Saddest music you've heard

Oct 2018
1,209
Adelaide south Australia
#1
Thought of this as a thread while listening to the theme from Schlindler's list, played by Ishtak Perlman. I was moved almost to tears.

Another piece I heard recently is Non Nobis, Domine, as sung in Branag'ss Henry V, which I recently watched for about the fifth time. (also includes Te Deum)

And Chopin's Nocturne in C sharp minor, played by Tiffany Poon, which is more wistful , than deeply sad. Probably sounds sadder when played in "The Pianist", an excellent film about one man's survival in the Holocaust






 

stevev

Ad Honorem
Apr 2017
3,426
Las Vegas, NV USA
#2
"01 Wolfgang Amadeus Mozart - Requiem in D Minor 3rd Movement - Lacrymosa 02 Ludwig Van Beethoven - Piano Sonata No. 14 in C Sharp Minor Op. 27 1st Movement 03 Evgeny Emelyanov - Rin (Epic Orchestral Emotional) 04 Erik Satie - Gnossienne No. 1 by Harpanddance Praful (Indian Flute) and Helvia Briggen (Harp) 05 Frédéric Chopin - Nocturne No. 20 in C Sharp Minor for Violin and Piano, Op. Posth. Arr.
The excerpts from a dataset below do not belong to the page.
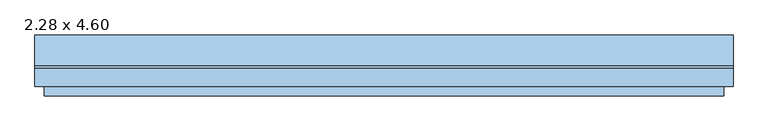
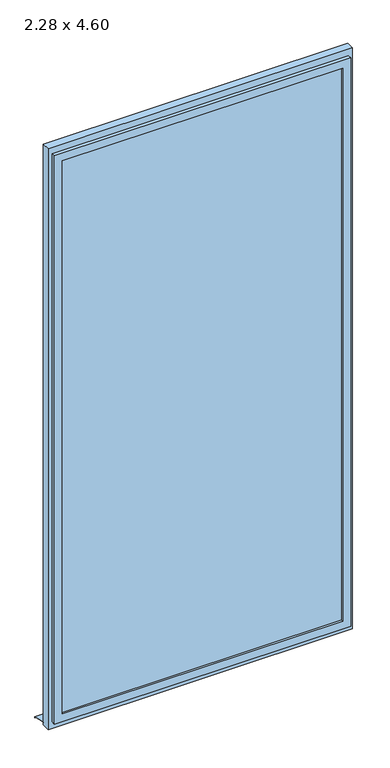
"""IFC4 building model written with IfcOpenShell, lengths in millimetres: window geometry, Fenstertür 1-flg : 2.28 x 4.60."""

from ifc_helpers import new_model, si_unit, frame, origin, place, context, project, spatial, polyline, outline, extrude, faceted_brep, source, transform, mapped, element, save


def window_2_28_x_4_60_34926950(model_context):
    return source(origin(), model_context, "Body", "SolidModel", [
        extrude(outline(polyline([(4600.0, 1140.0), (4600.0, -1140.0), (0.0, -1140.0), (0.0, 1140.0), (4600.0, 1140.0)]), holes=[polyline([(4520.0, 1080.0), (80.0, 1080.0), (80.0, -1080.0), (4520.0, -1080.0), (4520.0, 1080.0)])]), frame((0.0, -80.0, 0.0), z_axis=(0.0, 1.0, 0.0), x_axis=(0.0, 0.0, 1.0)), (0.0, 0.0, 1.0), 60.0),
        faceted_brep([(1110.0, -80.0, 4550.0), (1110.0, -110.0, 4550.0), (1110.0, -110.0, 50.0), (1110.0, -80.0, 50.0), (-1110.0, -110.0, 4550.0), (-1110.0, -110.0, 50.0), (1050.0, -110.0, 110.0), (-1050.0, -110.0, 110.0), (-1050.0, -110.0, 4490.0), (1050.0, -110.0, 4490.0), (-1110.0, -80.0, 50.0), (-1110.0, -80.0, 4550.0), (1080.0, -80.0, 4520.0), (-1080.0, -80.0, 4520.0), (-1080.0, -80.0, 80.0), (1080.0, -80.0, 80.0), (1080.0, -50.0, 4520.0), (1080.0, -50.0, 80.0), (-1080.0, -50.0, 80.0), (-1080.0, -50.0, 4520.0), (1050.0, -50.0, 4490.0), (-1050.0, -50.0, 4490.0), (-1050.0, -50.0, 110.0), (1050.0, -50.0, 110.0)], [[[0, 1, 2, 3]], [[1, 4, 5, 2], [6, 7, 8, 9]], [[3, 2, 5, 10]], [[3, 10, 11, 0], [12, 13, 14, 15]], [[16, 12, 15, 17]], [[17, 15, 14, 18]], [[17, 18, 19, 16], [20, 21, 22, 23]], [[9, 20, 23, 6]], [[6, 23, 22, 7]], [[10, 5, 4, 11]], [[18, 14, 13, 19]], [[7, 22, 21, 8]], [[11, 4, 1, 0]], [[19, 13, 12, 16]], [[8, 21, 20, 9]]]),
        extrude(outline(polyline([(-9.9778457, 20.0), (90.0, 0.0), (90.0, -10.0), (88.0, -10.0), (88.0, -1.6395366), (-10.1759277, 18.0), (-20.0, 18.0), (-20.0, 20.0), (-9.9778457, 20.0)])), frame((-1140.0, 0.0, 0.0), z_axis=(1.0, 0.0, 0.0), x_axis=(0.0, 1.0, 0.0)), (0.0, 0.0, 1.0), 2280.0),
        extrude(outline(polyline([(1050.0, -95.0), (-1050.0, -95.0), (-1050.0, -65.0), (1050.0, -65.0), (1050.0, -95.0)])), frame((0.0, 0.0, 110.0), z_axis=(0.0, 0.0, 1.0), x_axis=(1.0, 0.0, 0.0)), (0.0, 0.0, 1.0), 4380.0),
    ])


if __name__ == "__main__":
    model = new_model("IFC4")
    model_context = context("Model", 3, world=origin())
    ifc_project = project(units=[si_unit("LENGTHUNIT", "METRE", prefix="MILLI")], contexts=[model_context])
    site = spatial("IfcSite", under=ifc_project)
    building = spatial("IfcBuilding", under=site)
    placement = place(None, origin())
    window_2_28_x_4_60_shape = window_2_28_x_4_60_34926950(model_context)
    element("IfcWindow", 1, ObjectType="Fenstertür 1-flg : 2.28 x 4.60", at=placement, inside=building, context=model_context, shape_type="MappedRepresentation", body=[
        mapped(window_2_28_x_4_60_shape, transform((0.0, 0.0, 0.0), x_axis=(1.0, 0.0, 0.0), y_axis=(0.0, 1.0, 0.0), z_axis=(0.0, 0.0, 1.0))),
    ])
    save(model, "model.ifc")

# Revit data of these elements
# Type "Fenstertür 1-flg : 2.28 x 4.60"
#   Type Mark = "60"
#   Operation = "SinglePanel"
#   Construction Type Id = "SGL"
#   Keynote = "16.05.01"
#   Analytic Construction = "Große Fenster mit Einfachverglasung"
#   Visual Light Transmittance = 0.9
#   Solar Heat Gain Coefficient = 0.86
#   Rough Width = 2.280 m
#   Rough Height = 4.600 m
#   Heat Transfer Coefficient (U) = 5.5617 W/(m²·K)
#   Rahmentiefe = 0.060 m
#   Rahmenhöhe unten = 0.080 m
#   Höhe oberer  Rahmen = 0.080 m
#   Rahmenbreite = 0.060 m
#   Height = 4.600 m
#   Tiefe Flügel = 0.060 m
#   Flügelbreite = 0.060 m
#   Einbautiefe (von außen) [instance default] = 0.080 m
#   Width = 2.280 m
#   Sichtbarkeit Sturzlinien [instance default] = yes
#   Öffnungsrichtung oben [instance default] = yes
#   Öffnungsrichtung in Draufsicht anzeigen [instance default] = yes
#   Drehflügel 1 [instance default] = yes
#   Bild [instance default] = none
#   Glas [instance default] = none
#   Fensterflügel [instance default] = none
#   Äußere Fensterbank [instance default] = none
#   Wall Closure = (empty or 0)
# Element 1 (IfcWindow, "Fenstertür 1-flg : 2.28 x 4.60")
#   Materials on its faces: "Kunststoff - Weiß", "Glas"
# Materials
#   "Kunststoff - Weiß": class "Kunststoff", colour RGB 249 249 249, transparency 0, Cost = 0
#   "Glas": class "Glas", colour RGB 0 0 255, transparency 0.75, Comments = "Render-Darstellung nicht aktualisiert ", Cost = 0

Milstein 06 Samuel Barber - Adagio for Strings, Op. 11 by Leonard Bernstein 07 Clint Mansell - Requiem for a Dream - Main Theme 08 Yann Tiersen - Summer 78 09 Carl Orff - O Fortuna - Carmina Burana 10 Javier Navarrete - Pan's Labyrinth Theme - Long, Long Time Ago 11 Johann Sebastian Bach - Come, Sweet Death 12 Tomaso Albinoni - Adagio in G Minor 13 Erik Satie - Gymnopedie No 1 by Gerald Garcia & Orchestra 14 Zbigniew Preisner - Part One Requem - Lacrimosa 15 Ernesto Cortazar - Beethoven's Silence 16 Camille Saint-Saëns - Messe De Requiem, Op. 54 - Agnus Dei 17 Yann Tiersen - Sur Le Fil 18 Nicholas Hooper - Dumbledore's Farewell from Harry Potter & The Half Blood Prince 19 Hans Zimmer - Landing Peleliu from The Pacific 20 Clint Mansell - The Last Man from The Fountain 21 Erik Satie - Gnossienne No. 3 by Julia Kent (Seul, Pendant Un Instant) 22 Nick Cave and Warren Ellis - Song For Bob from The Assassination of Jesse James"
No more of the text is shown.